- [EXERCISE DETAILS]:
Go through the records line by line. Report how many lines contain "PULLEY", with nothing else.

- [GIVEN ENTRIES]:
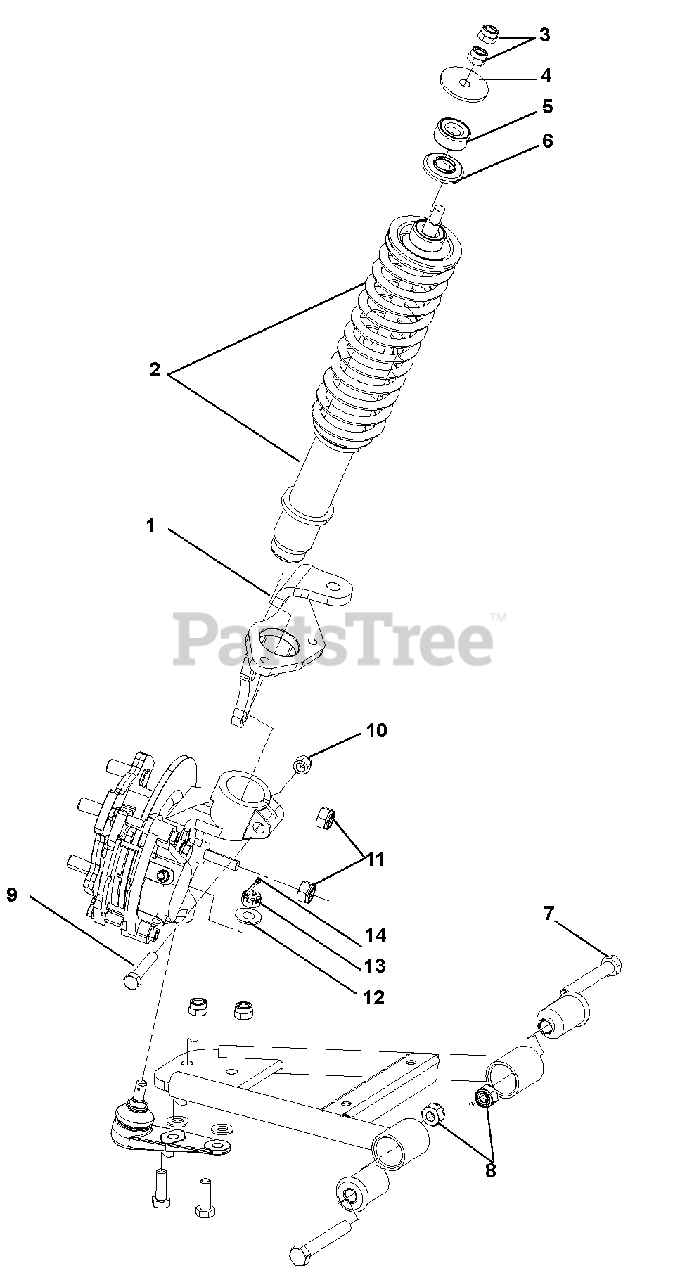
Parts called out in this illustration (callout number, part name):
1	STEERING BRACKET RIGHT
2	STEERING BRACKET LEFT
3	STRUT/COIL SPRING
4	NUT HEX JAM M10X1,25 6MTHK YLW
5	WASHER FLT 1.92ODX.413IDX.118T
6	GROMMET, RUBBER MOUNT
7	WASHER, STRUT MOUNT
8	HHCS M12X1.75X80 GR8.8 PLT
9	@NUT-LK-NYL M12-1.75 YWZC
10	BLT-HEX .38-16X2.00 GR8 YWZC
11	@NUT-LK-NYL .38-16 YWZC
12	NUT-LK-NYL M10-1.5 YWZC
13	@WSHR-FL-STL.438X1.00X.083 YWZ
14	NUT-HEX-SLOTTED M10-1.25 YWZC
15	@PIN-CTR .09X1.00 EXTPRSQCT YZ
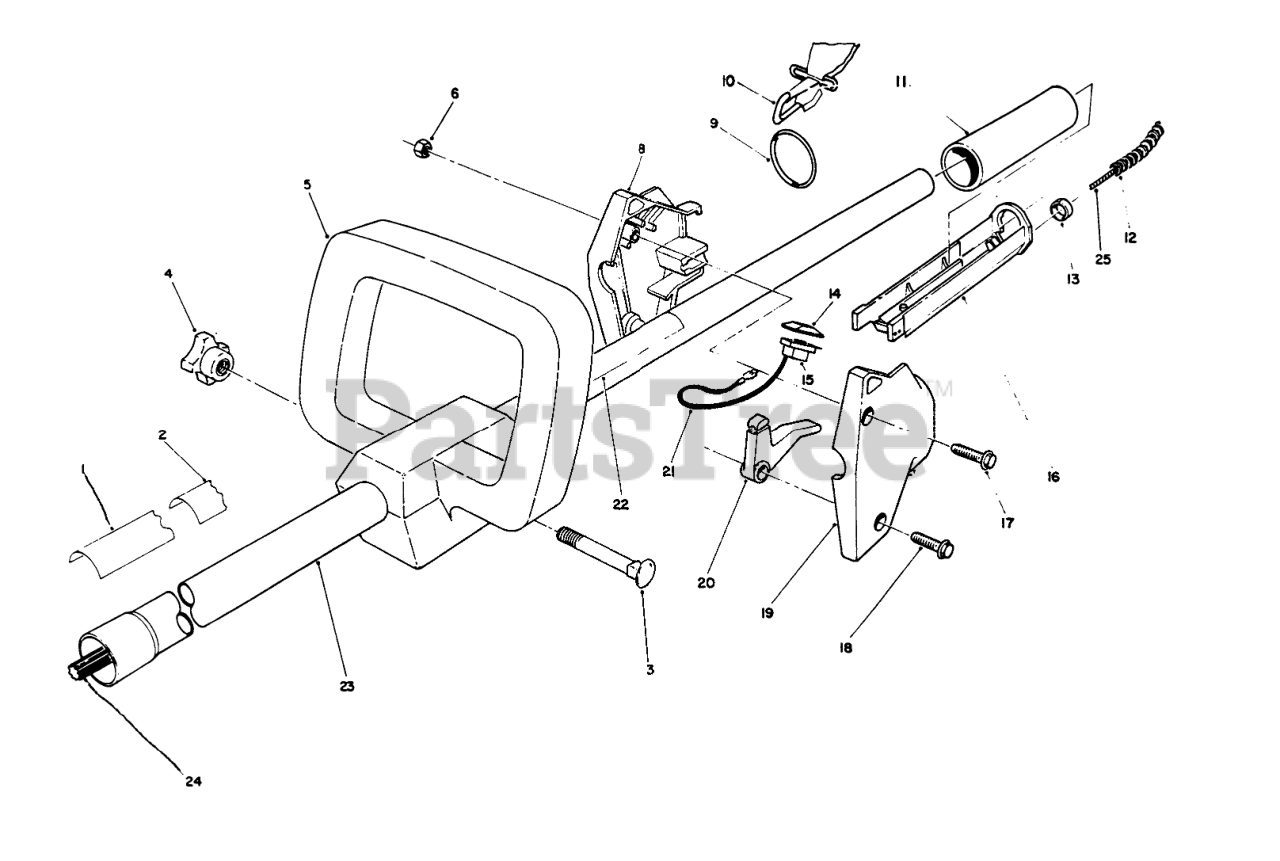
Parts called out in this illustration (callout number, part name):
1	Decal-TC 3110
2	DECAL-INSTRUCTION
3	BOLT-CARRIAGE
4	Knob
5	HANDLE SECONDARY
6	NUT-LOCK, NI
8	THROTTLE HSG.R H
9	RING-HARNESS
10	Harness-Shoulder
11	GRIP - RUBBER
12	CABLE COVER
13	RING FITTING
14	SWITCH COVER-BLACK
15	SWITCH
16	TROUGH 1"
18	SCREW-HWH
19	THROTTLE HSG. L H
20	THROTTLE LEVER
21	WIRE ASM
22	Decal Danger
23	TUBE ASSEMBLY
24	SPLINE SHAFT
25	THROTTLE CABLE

---

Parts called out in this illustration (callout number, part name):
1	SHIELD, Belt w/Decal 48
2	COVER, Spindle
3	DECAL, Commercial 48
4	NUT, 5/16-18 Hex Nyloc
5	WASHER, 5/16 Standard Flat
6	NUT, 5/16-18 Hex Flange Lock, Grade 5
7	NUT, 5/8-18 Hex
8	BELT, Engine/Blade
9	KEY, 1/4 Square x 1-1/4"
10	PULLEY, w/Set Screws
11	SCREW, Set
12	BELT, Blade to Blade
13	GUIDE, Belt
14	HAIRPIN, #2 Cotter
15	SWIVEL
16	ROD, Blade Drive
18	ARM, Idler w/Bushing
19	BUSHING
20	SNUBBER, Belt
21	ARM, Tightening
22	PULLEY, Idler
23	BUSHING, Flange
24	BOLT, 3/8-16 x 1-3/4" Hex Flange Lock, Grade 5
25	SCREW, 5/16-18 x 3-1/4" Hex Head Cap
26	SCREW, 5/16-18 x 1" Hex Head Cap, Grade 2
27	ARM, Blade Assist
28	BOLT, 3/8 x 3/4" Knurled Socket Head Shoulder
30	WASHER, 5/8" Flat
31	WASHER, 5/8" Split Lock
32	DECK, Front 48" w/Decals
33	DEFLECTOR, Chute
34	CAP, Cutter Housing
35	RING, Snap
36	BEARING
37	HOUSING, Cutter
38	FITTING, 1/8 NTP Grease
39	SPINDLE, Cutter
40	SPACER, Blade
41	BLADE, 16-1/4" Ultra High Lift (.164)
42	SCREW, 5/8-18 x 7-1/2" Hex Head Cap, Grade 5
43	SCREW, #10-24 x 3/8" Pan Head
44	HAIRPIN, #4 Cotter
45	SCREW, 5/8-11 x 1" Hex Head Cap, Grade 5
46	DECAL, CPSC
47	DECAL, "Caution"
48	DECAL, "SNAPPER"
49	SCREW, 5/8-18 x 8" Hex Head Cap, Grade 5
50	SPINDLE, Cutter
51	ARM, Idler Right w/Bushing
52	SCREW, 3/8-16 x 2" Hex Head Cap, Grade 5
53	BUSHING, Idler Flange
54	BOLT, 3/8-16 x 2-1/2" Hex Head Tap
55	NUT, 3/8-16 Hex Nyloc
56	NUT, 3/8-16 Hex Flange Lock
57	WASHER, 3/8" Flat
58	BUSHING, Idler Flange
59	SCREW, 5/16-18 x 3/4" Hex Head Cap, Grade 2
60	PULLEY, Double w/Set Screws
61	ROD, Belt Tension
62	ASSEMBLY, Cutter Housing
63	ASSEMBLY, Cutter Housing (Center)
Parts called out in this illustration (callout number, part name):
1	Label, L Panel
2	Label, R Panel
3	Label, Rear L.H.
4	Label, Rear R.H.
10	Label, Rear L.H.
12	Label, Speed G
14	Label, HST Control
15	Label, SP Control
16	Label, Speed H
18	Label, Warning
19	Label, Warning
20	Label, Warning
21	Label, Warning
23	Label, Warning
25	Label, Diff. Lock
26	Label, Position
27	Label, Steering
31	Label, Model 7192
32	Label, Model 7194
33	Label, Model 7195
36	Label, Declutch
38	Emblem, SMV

- [EXERCISE SOLUTION]:
3